EXERCISE AIM: Once you have checked each line below for the word "shells", give the number of lines that have it and nothing further.

START MATERIAL SHOWN

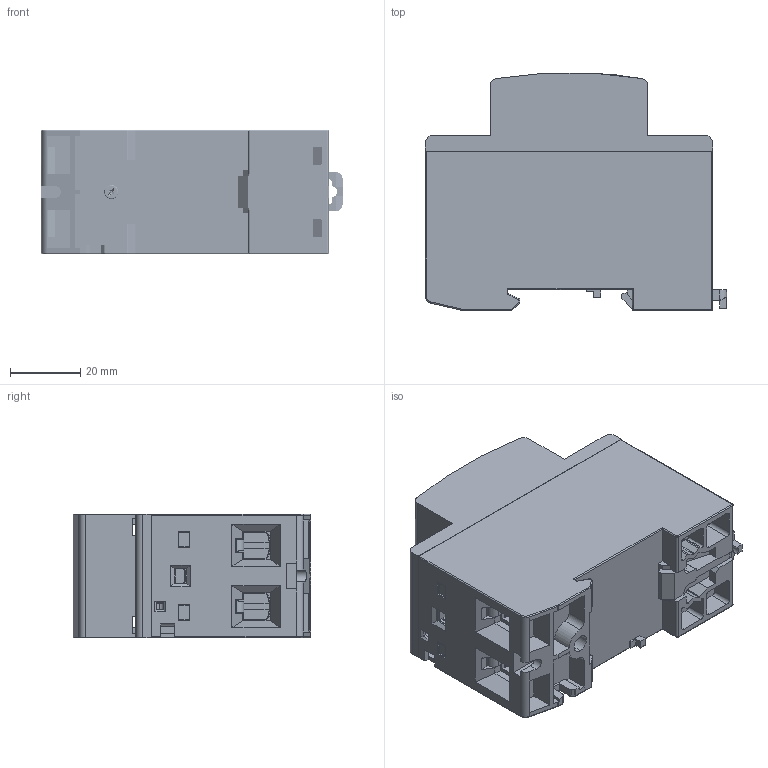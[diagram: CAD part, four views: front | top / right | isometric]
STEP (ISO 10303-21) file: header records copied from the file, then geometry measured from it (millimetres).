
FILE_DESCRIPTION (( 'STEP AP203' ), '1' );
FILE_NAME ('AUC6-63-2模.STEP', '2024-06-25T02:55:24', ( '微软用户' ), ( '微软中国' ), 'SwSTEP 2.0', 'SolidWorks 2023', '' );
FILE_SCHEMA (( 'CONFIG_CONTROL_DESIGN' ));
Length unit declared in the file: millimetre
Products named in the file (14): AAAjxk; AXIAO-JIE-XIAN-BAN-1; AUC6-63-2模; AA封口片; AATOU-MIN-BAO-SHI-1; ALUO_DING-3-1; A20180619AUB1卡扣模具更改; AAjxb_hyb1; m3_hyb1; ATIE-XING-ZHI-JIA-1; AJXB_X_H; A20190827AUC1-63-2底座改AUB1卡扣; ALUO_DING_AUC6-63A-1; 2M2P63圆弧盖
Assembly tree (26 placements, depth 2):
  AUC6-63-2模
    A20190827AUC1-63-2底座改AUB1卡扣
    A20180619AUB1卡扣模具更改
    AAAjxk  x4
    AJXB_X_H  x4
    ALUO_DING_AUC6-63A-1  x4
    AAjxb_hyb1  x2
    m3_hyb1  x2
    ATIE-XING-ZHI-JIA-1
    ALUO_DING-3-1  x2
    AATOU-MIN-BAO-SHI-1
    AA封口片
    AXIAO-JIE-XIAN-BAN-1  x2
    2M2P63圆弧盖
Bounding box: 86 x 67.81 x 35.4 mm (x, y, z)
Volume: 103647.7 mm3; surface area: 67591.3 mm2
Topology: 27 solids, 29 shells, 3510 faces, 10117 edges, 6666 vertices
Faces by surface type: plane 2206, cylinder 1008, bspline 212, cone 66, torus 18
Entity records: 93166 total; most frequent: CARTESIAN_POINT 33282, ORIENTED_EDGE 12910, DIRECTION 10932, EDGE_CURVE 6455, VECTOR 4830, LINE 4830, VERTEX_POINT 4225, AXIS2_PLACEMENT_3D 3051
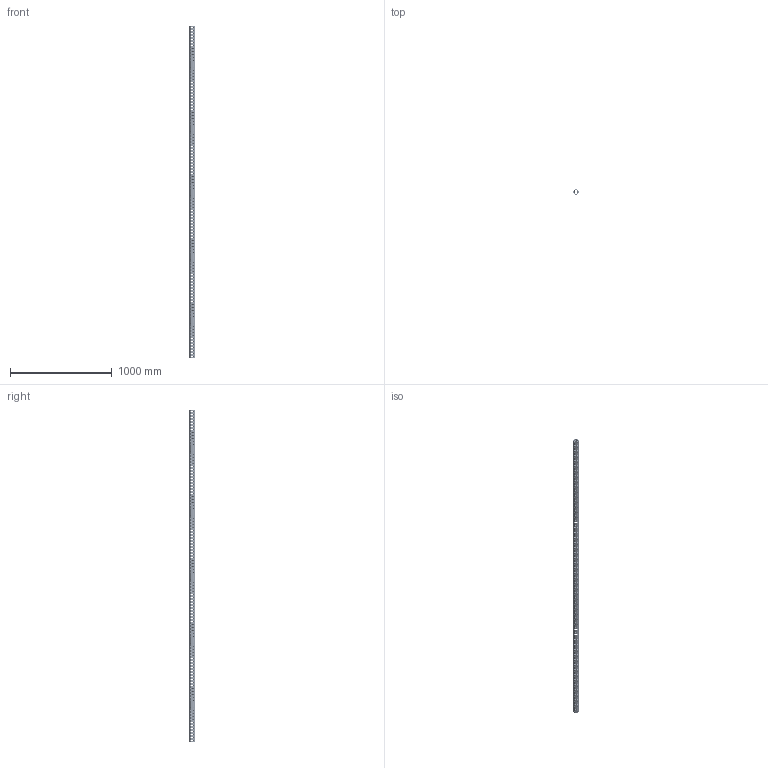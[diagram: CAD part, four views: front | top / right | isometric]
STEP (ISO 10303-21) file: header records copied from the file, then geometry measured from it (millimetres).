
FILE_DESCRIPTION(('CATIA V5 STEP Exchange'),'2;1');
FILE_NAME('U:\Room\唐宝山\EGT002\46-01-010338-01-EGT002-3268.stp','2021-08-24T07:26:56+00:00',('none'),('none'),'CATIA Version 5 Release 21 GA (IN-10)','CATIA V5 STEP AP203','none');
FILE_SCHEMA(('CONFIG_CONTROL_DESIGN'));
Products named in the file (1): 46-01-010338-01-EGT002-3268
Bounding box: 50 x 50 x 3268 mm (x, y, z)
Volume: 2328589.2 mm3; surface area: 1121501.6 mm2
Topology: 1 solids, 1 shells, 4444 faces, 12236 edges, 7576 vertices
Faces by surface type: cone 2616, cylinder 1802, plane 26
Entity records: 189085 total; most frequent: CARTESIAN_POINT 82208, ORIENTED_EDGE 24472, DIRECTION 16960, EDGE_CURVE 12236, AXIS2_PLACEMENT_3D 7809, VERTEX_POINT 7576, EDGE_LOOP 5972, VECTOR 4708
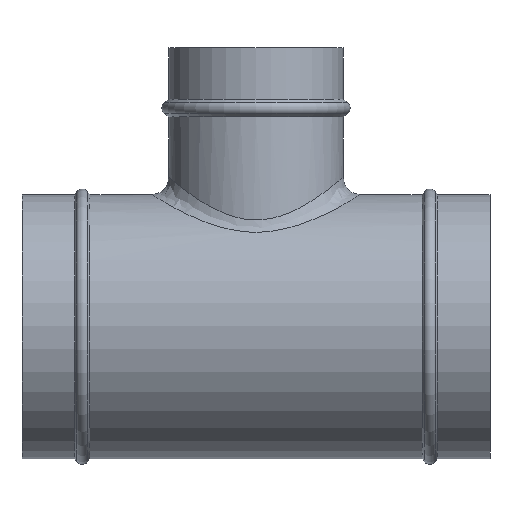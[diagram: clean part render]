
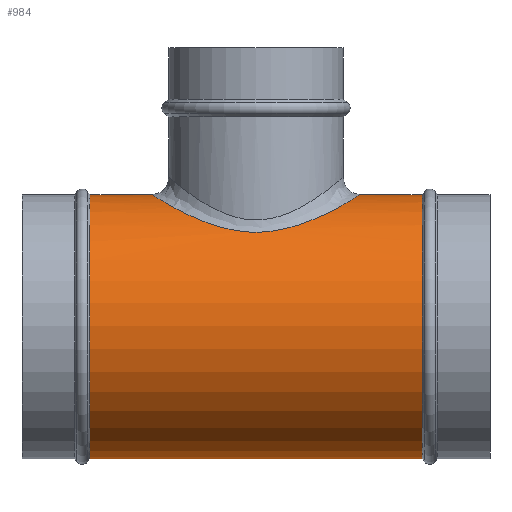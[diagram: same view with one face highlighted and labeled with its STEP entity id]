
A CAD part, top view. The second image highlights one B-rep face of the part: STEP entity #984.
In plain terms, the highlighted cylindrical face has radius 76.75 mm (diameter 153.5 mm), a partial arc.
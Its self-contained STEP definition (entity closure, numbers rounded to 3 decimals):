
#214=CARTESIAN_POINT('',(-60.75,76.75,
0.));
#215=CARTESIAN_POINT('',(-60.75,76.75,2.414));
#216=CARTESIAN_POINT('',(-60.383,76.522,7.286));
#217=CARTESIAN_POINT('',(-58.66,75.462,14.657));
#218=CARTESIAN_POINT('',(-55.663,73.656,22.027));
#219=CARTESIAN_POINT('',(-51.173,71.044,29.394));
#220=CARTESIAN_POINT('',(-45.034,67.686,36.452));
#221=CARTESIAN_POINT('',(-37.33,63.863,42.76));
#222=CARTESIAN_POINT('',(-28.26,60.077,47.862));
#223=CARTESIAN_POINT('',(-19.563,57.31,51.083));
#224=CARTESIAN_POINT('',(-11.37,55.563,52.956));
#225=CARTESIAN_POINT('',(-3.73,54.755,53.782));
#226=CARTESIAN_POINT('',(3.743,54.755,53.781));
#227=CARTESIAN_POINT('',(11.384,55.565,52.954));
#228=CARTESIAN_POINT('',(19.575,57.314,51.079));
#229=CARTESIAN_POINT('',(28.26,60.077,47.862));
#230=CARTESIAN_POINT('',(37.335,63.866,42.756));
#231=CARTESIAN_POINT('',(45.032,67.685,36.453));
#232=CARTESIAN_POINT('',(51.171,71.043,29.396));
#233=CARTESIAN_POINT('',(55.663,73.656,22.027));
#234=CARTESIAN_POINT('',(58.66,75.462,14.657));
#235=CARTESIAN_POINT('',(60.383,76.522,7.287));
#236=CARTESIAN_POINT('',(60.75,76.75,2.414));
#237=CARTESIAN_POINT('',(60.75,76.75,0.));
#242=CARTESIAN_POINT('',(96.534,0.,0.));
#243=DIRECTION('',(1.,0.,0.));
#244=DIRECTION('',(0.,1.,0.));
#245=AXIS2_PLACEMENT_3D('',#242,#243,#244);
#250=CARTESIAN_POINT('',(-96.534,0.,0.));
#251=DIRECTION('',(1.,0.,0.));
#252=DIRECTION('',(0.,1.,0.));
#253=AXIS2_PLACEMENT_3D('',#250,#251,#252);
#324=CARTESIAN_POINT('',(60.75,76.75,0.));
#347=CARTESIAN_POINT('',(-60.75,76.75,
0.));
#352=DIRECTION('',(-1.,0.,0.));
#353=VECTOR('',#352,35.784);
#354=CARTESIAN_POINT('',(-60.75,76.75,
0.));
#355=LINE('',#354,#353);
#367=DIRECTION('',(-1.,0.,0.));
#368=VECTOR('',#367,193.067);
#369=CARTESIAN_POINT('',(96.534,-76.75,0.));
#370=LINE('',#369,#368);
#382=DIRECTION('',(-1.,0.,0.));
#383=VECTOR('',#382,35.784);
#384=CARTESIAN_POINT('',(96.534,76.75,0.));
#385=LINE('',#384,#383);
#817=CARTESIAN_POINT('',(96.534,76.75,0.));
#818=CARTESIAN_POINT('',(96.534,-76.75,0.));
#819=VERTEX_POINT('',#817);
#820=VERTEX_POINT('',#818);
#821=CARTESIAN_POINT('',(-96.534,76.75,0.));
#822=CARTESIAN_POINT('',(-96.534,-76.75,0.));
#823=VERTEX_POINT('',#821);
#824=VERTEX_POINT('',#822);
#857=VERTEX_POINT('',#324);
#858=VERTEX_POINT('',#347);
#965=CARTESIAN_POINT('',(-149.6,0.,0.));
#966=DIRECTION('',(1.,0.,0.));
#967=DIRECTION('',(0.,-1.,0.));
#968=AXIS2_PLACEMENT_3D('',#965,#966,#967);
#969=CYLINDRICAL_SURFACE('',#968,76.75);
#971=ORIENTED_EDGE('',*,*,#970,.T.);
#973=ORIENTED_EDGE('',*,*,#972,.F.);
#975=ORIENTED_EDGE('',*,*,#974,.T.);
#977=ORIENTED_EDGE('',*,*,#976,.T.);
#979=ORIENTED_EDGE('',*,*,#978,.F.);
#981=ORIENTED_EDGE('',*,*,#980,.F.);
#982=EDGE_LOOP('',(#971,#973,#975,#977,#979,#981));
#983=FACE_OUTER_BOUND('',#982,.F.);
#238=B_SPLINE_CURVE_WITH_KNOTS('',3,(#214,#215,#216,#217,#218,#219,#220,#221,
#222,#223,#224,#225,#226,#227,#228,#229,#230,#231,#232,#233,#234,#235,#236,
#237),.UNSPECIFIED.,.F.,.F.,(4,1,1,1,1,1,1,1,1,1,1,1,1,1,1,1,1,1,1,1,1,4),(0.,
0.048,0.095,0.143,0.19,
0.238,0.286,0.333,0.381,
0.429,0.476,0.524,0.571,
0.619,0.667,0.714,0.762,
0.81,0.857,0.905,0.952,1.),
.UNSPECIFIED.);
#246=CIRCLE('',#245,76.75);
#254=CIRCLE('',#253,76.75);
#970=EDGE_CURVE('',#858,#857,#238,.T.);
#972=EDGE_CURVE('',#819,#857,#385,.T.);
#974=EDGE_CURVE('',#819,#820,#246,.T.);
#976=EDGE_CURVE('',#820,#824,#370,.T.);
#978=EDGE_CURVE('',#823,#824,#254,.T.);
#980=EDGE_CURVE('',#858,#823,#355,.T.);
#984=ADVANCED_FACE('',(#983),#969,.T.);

END MATERIAL SHOWN

RESULT FOR THIS TASK: 2